Categories: NewsPolitik

DPC yang Tolak Wahyuddin Sebagai Ketua Hanura Sulsel Akan Dapat Sanksi Tegas dari DPP

MAKASSAR – Terpilihnya Wahyuddin M Nur di Musyawarah Luar Biasa (Musdalub) Partai Hanura Sulsel dinyatakan sudah final.

Hal ini ditegaskan oleh Waketum DPP Hanura Ferdinand Nainggolan, Rabu, (3/11/2021).

Ferdinand menegaskan, akan memberi sanksi kepada pengurus DPC apabila ada yang menolak terpilihnya Anggota DPRD Sulsel tersebut.

“Sudah final ini, kalau ada pengurus DPC tidak terima, maka kita akan ambil tindakan tegas. Apanya dipersoalkan, ini sudah selesai.” kata Ferdinand, Rabu, (3/11) mengutip tribunnews.

Ditegaskan Ferdinand, penetapan Wahyuddin beberapa waktu lalu sudah sesuai dengan mekanisme AD/ART.

Kata Ferdinand, saat Musdalub, Wahyuddin telah mengantongi dukungan pemilik suara 30 persen.

Sehingga, ia mengatakan jika ia tidak ada pelanggaran dalam penetapan politisi asal Luwu Raya itu.

“Hasil musda sudah sesuai dengan PO, apanya yang tidak diterima. Wahyuddin sudah ada dukungan DPP, sudah ada dukungan 30 persen.” terangnya.

Pada saat musdalub, Ferdinand juga menyampaikan jika panitia sudah membuka kesempatan bagi siapapun yang ingin mencalonkan.

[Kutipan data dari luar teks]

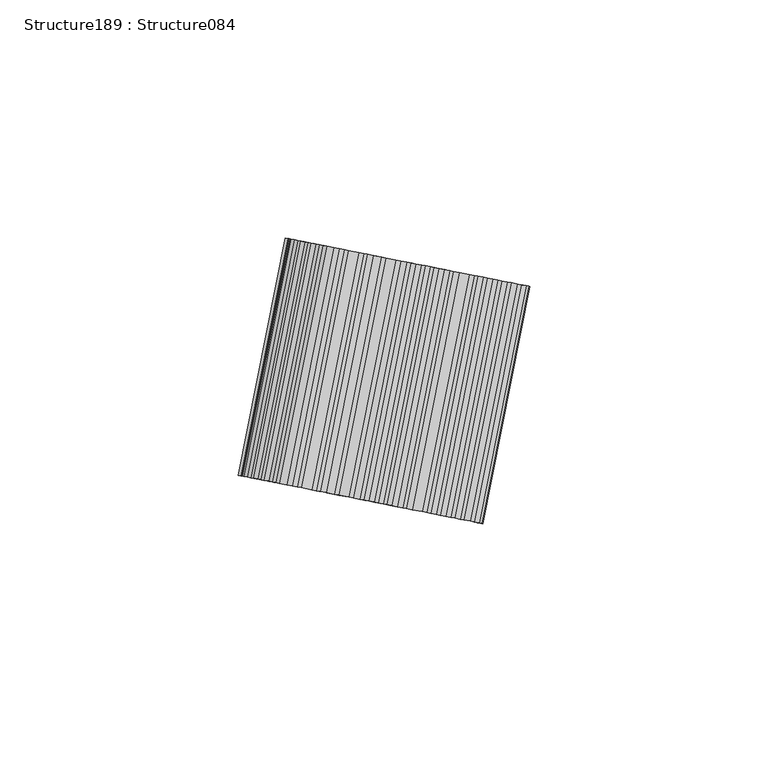
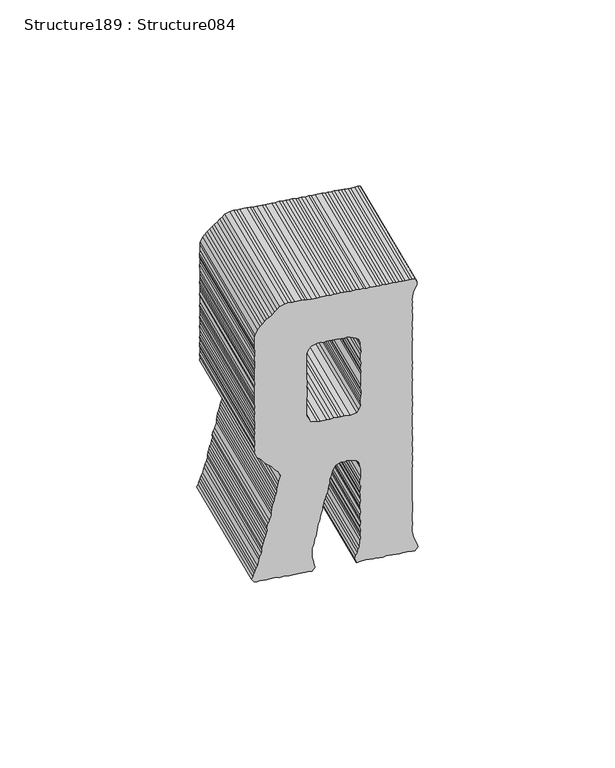
"""IFC4 building model written with IfcOpenShell, lengths in millimetres: proxy geometry, Structure189 : Structure084."""

from ifc_helpers import new_model, si_unit, frame, origin, place, context, project, spatial, polyline, outline, extrude, source, transform, mapped, element, save


def structure189_structure084_a6cd63ed(model_context):
    return source(origin(), model_context, "Body", "SweptSolid", [
        extrude(outline(polyline([(0.7877723, 0.0), (1.9464015, -0.1991228), (2.8602744, -0.225849), (4.1191818, -0.5725383), (5.014805, -0.7264607), (5.8881786, -1.0119464), (7.2131992, -0.9739456), (7.9618749, -1.2329462), (10.1385127, -1.6070246), (11.3090794, -1.6778664), (12.311293, -1.9804401), (13.2111243, -2.1350857), (14.2117928, -2.4424483), (15.4109212, -2.3828117), (16.5195828, -2.8390667), (17.4342994, -2.8608834), (18.6150357, -2.933473), (20.3591199, -3.4989322), (21.6394332, -3.7189677), (22.5801144, -3.6149141), (23.6845679, -4.0704459), (24.6308598, -3.9673566), (25.7800208, -4.1648522), (26.5039924, -4.5549941), (27.5279624, -4.7309743), (28.8526323, -4.6929133), (29.8357525, -5.1275927), (30.776083, -5.0234788), (32.5416935, -6.2493551), (32.9031424, -7.2342724), (33.5574941, -8.0085018), (34.477038, -8.823614), (35.0861234, -9.8507291), (35.972525, -11.5876372), (36.8685591, -12.5290416), (37.5229108, -13.303271), (37.9287766, -14.029741), (39.5076035, -14.8278254), (41.6445256, -14.6683321), (42.9644943, -14.6345176), (43.9051754, -14.530464), (45.0599472, -14.7289238), (46.0220341, -14.4982164), (46.9627152, -14.3941628), (48.1392433, -14.4660291), (49.0957798, -14.2340066), (50.041228, -14.1358267), (51.0844997, -14.1847914), (52.1563332, -14.1032778), (53.4327891, -14.3226503), (55.3194114, -14.1154471), (56.4288566, -13.779371), (57.6236345, -13.7240411), (58.7537019, -14.0536423), (59.5858309, -13.7955458), (60.7623591, -13.8674121), (61.6189076, -13.4882341), (62.7924221, -13.5545279), (63.7358265, -13.4556357), (64.9285003, -13.3999442), (65.8244741, -13.5539269), (66.898061, -13.4727145), (68.1350915, -13.1589264), (69.328609, -13.0983255), (71.318233, -13.0438502), (72.1765349, -12.6649735), (73.2419139, -12.587405), (74.0793029, -12.3302124), (75.2758945, -12.2748331), (76.003044, -11.8734165), (76.8931166, -12.8137963), (76.8480367, -13.8638733), (76.5842472, -14.6110041), (76.5400111, -15.6561716), (76.3416115, -16.8105927), (76.0343091, -17.8109106), (75.7045271, -19.7298024), (75.8093424, -20.6702534), (75.3295446, -21.9117003), (75.2811608, -23.7435663), (74.9337097, -25.0027039), (74.4272846, -27.9494232), (74.4005969, -28.8672741), (73.987756, -29.7191213), (74.0707545, -30.7865166), (72.6138584, -31.5939579), (71.7839977, -31.0552851), (70.7821347, -30.7527716), (69.6713689, -30.2961549), (68.9473974, -29.906013), (66.901912, -29.5544745), (65.7471403, -29.3560146), (64.7624532, -29.718225), (63.8447229, -29.6908359), (62.6738055, -29.6199339), (61.6840006, -29.9762104), (60.4904228, -30.0371621), (59.445047, -29.9878357), (58.3961644, -29.9379067), (57.3516982, -29.8937911), (56.362244, -30.2501279), (55.1913266, -30.1792259), (54.145107, -30.1348089), (53.0523006, -30.3383574), (52.1175809, -30.4434355), (51.2156457, -30.2884283), (50.0229718, -30.3441199), (48.9553464, -30.4263568), (47.8617565, -30.6344641), (47.0534221, -30.7562085), (45.832477, -30.9427894), (44.914396, -30.91534), (43.7173718, -30.9753383), (42.7766906, -31.079392), (41.494624, -30.8590552), (40.6854459, -30.985709), (39.5926997, -31.1889068), (38.2679695, -31.2273185), (36.4472301, -31.8368424), (35.5455414, -33.2664481), (35.3262292, -34.5425532), (34.9408158, -35.2684206), (34.9738469, -36.5929481), (35.1774557, -38.4731762), (35.8364483, -39.2435098), (37.3094464, -39.8927126), (38.4142507, -40.3483048), (41.3574633, -40.8541273), (42.4292967, -40.7726135), (43.70961, -40.9926491), (44.6888727, -41.4266656), (45.7377553, -41.4765946), (46.525177, -41.4765343), (47.5244428, -41.783656), (48.8103669, -42.0046557), (49.6810775, -42.2846293), (50.8784525, -42.2246912), (51.9076827, -42.4015754), (52.649904, -42.6645212), (53.6552737, -42.9676373), (54.9802942, -42.9296365), (56.0035629, -43.1054961), (56.8555307, -43.5176357), (57.7515045, -43.6716184), (58.9488796, -43.6116803), (60.0554372, -44.0675738), (61.0990597, -44.1165988), (61.869492, -44.2490058), (63.0007539, -44.5737579), (63.9372269, -44.468981), (66.2885299, -44.6124122), (67.125919, -44.3552198), (68.4493124, -44.3266872), (69.3028472, -43.9419368), (70.5019756, -43.8823), (71.6935756, -44.6185287), (71.3461245, -45.8776663), (70.9132807, -46.8564085), (70.759298, -47.7523823), (70.7307966, -48.6702824), (70.6639602, -49.846953), (70.3566579, -50.8472709), (70.3341179, -51.7661955), (70.1575351, -52.7936724), (69.7472914, -53.6409116), (69.69625, -54.689964), (69.3228948, -56.8623937), (69.2778149, -57.9124707), (68.992269, -58.786195), (68.6181303, -60.9631834), (68.5955903, -61.8821081), (68.4416077, -62.7780818), (67.1345464, -63.4762479), (66.0458878, -62.8930979), (65.1969939, -62.4861801), (64.1318451, -61.7767379), (63.4057694, -61.3862343), (61.4454907, -60.5179), (60.4218712, -60.3419801), (58.3267691, -60.2476341), (57.4807627, -59.8365192), (56.1757452, -59.7476251), (55.2985141, -59.4614765), (54.2305381, -59.5436531), (51.2834681, -59.0371677), (50.3063094, -58.6035128), (49.28269, -58.4275929), (47.9738151, -58.3380358), (46.0598327, -58.0090975), (45.0553067, -57.7010719), (44.0334407, -57.5254533), (42.9872211, -57.4810364), (39.0186357, -56.7989926), (37.9732599, -56.7496663), (36.9678903, -56.4465501), (35.6637165, -56.3527466), (34.6422011, -56.1771882), (33.8931746, -55.9181274), (32.8499028, -55.8691626), (31.5636281, -55.6481026), (30.5617652, -55.3455891), (29.6714021, -55.1925707), (28.7480611, -55.1642173), (27.5989002, -54.9667218), (26.7434256, -54.5539796), (25.5695604, -54.4876254), (24.5262885, -54.4386606), (23.4214843, -53.9830685), (22.6245944, -53.9815015), (21.6235752, -53.6740786), (20.3206618, -53.5855461), (19.2756365, -53.53628), (18.5509637, -53.1460175), (17.268897, -52.9256807), (16.4593683, -53.0522743), (15.300739, -52.8531514), (14.4321325, -52.5735395), (13.3871074, -52.5242734), (12.1225891, -52.1766198), (11.3803678, -51.9136741), (10.2086067, -51.8476815), (8.0263581, -51.4726388), (7.2362735, -51.4671869), (6.1085182, -51.1430375), (5.2354954, -50.8576121), (4.0800223, -50.6590317), (3.1400425, -50.7632059), (2.0122874, -50.4390565), (1.0892969, -50.4107634), (-0.1431529, -49.933234), (-1.1706297, -49.7566511), (-2.2147453, -49.7125958), (-2.9573172, -49.4495898), (-4.0087969, -49.4042689), (-5.0080628, -49.0971473), (-6.2887267, -48.8770515), (-7.1035156, -49.0027411), (-8.3620724, -48.656112), (-9.1102552, -48.3921417), (-10.1314198, -48.2166437), (-11.1997466, -48.29876), (-12.2051163, -47.9956439), (-13.4854295, -47.7756083), (-14.2776182, -47.7697949), (-16.3227529, -47.4183167), (-17.4331681, -46.9617603), (-18.4993908, -47.0442382), (-19.6267952, -46.7201491), (-20.6781325, -46.6697982), (-21.5523499, -46.3892219), (-23.7729936, -46.2733003), (-24.8401259, -46.3505675), (-25.6975181, -46.734655), (-26.7864672, -46.9388664), (-27.9612419, -46.8673015), (-28.903386, -46.1836924), (-28.8523447, -45.1346399), (-28.6983018, -44.2383154), (-28.3526042, -42.9788764), (-28.220378, -42.2094962), (-28.1483637, -41.0384089), (-27.8679957, -40.1591014), (-27.8177379, -39.1146076), (-27.6201821, -37.965096), (-27.3406578, -37.0906979), (-27.2677998, -35.9147012), (-27.010032, -35.1668965), (-26.9597742, -34.1224029), (-26.6073919, -32.072008), (-26.2616943, -30.8125691), (-26.3826552, -29.9996759), (-25.9319123, -28.8936772), (-25.9875436, -27.7006527), (-25.6832549, -26.6947624), (-25.4254871, -25.9469578), (-25.5028748, -24.8805269), (-25.2212466, -24.0064903), (-25.1513363, -22.8350415), (-24.8470476, -21.8291512), (-24.8207105, -20.9112402), (-24.3473674, -19.6737385), (-24.2963261, -18.624686), (-23.8191857, -16.6004256), (-23.6434466, -15.5778582), (-23.3571774, -13.9121535), (-23.1370214, -12.6311389), (-23.1311203, -11.8447418), (-23.0821829, -10.7953277), (-22.707984, -8.6179885), (-22.4263557, -7.743952), (-22.3782019, -6.6990967), (-21.9266152, -5.5881886), (-21.1449177, -4.1383221), (-20.1224106, -3.5266396), (-19.3473977, -2.8677292), (-18.3143703, -2.2578546), (-17.5002006, -1.3395928), (-16.8785896, -0.7897057), (-16.003649, -0.2783015), (-15.0749656, 0.4848928), (-14.3537777, 0.8873339), (-13.1940143, 1.480482), (-11.3979792, 1.9588644), (-10.4794051, 1.9363847), (-8.428309, 1.583882), (-7.1300967, 1.491103), (-6.3554563, 1.3579727), (-5.3765442, 0.9240165), (-4.3546782, 0.7483979), (-3.2867022, 0.8305746), (-1.0232687, 0.1758597), (0.0, 0.0), (0.7877723, 0.0)]), holes=[polyline([(18.9318372, -31.7250019), (19.2826525, -30.471497), (19.2842194, -29.674607), (19.5035317, -28.3985018), (19.9610799, -27.2886183), (20.0100172, -26.2392042), (20.4892615, -24.2153054), (20.3840956, -23.2747941), (20.4678464, -21.3085648), (19.6312408, -20.7734262), (18.3769139, -19.6354193), (17.4595343, -19.6080905), (16.1792211, -19.388055), (15.4301946, -19.1289941), (14.2771763, -18.9308356), (13.3629527, -18.9040492), (12.3417881, -18.7285511), (11.0337568, -18.6340846), (8.9865181, -18.2822448), (7.9811484, -17.9791286), (7.0630675, -17.9516793), (6.1670937, -17.7976966), (5.0614456, -17.3470139), (4.1654718, -17.1930312), (2.9889437, -17.1211649), (2.0926191, -16.967122), (1.0925096, -16.6649099), (-0.0840186, -16.5930436), (-0.9582359, -16.3124674), (-2.1130076, -16.1140075), (-3.0310886, -16.0865581), (-3.8996951, -15.8069462), (-5.5492761, -16.1852202), (-6.4511511, -16.8176346), (-7.5496121, -18.6044208), (-7.7253512, -19.6269882), (-7.6009438, -20.4408347), (-8.0334371, -21.4196372), (-8.5841586, -24.6241024), (-8.6784224, -25.9267529), (-8.6799072, -26.7189635), (-9.1123403, -27.6974153), (-9.0314457, -28.7644489), (-8.7006845, -30.671584), (-8.3169861, -31.524938), (-6.8689006, -32.3001919), (-5.9732774, -32.4541143), (-3.7094934, -33.1088896), (-2.7730203, -33.0041127), (-0.5967332, -33.3781309), (0.1279397, -33.7683934), (1.3044679, -33.8402597), (2.2230419, -33.8627393), (3.4554917, -34.3402688), (4.2455764, -34.3457206), (8.2162658, -35.028126), (9.3915337, -35.0947212), (10.2435015, -35.5068607), (11.272381, -35.6836847), (12.4436491, -35.754647), (13.3625738, -35.7771868), (14.3896999, -35.9537094), (15.6435555, -36.304585), (17.0346893, -35.8818941), (18.0463108, -35.3986734), (18.8829602, -33.5618376), (18.9318372, -31.7250019)])]), frame((-3137.0208819, 235091.0468772, 464.6145124), z_axis=(0.1946622229639412, 0.9808703374813293, 0.0), x_axis=(-0.1661373711927794, 0.0329714017826368, -0.9855512470478847)), (0.0, 0.0, 1.0), 50.8),
    ])


if __name__ == "__main__":
    model = new_model("IFC4")
    model_context = context("Model", 3, world=origin())
    ifc_project = project(units=[si_unit("LENGTHUNIT", "METRE", prefix="MILLI")], contexts=[model_context])
    site = spatial("IfcSite", under=ifc_project)
    building = spatial("IfcBuilding", under=site)
    placement = place(None, origin())
    structure189_structure084_shape = structure189_structure084_a6cd63ed(model_context)
    element("IfcBuildingElementProxy", 1, Name="Structure189 : Structure084", ObjectType="Structure189 : Structure084", at=placement, inside=building, context=model_context, shape_type="MappedRepresentation", body=[
        mapped(structure189_structure084_shape, transform((0.0, 0.0, 0.0), x_axis=(1.0, 0.0, 0.0), y_axis=(0.0, 1.0, 0.0), z_axis=(0.0, 0.0, 1.0))),
    ])
    save(model, "model.ifc")

# Revit data of these elements
# Type "Structure189 : Structure084"
#   NameOverride = "Structure084"
# Element 1 (IfcBuildingElementProxy, "Structure189 : Structure084")
#   Materials on its faces: "BRUSHED ALUMINUM LETTERING"
# Materials
#   "BRUSHED ALUMINUM LETTERING": class "Unassigned", colour RGB 169 181 186, transparency 0, Cost = 0

Termasuk usulan dari DPC yakni nama Amsal Sampetondok dari kader eksternal.

Tapi, lanjutan dia, salah satu syarat calon ketua adalah minimal pernah menjadi pengurus 1 tahun.

“Syarat AD/ART harus satu tahun jadi pengurus partai, saudara Amsal belum jadi pengurus partai, jadi tidak bisa.” imbuh dia.

“AD/ART katakan kalau calon luar harus jadi pengurus minimal satu tahun. Amsal bukan pengurus, dia bukan jadi anggota Hanura, kemudian sudah tutup pendaftaran.” katanya lagi.

Ferdinand mengatakan, panitia sudah membuka pendaftaran calon selama tiga hari pada 23 hingga 25 Oktober.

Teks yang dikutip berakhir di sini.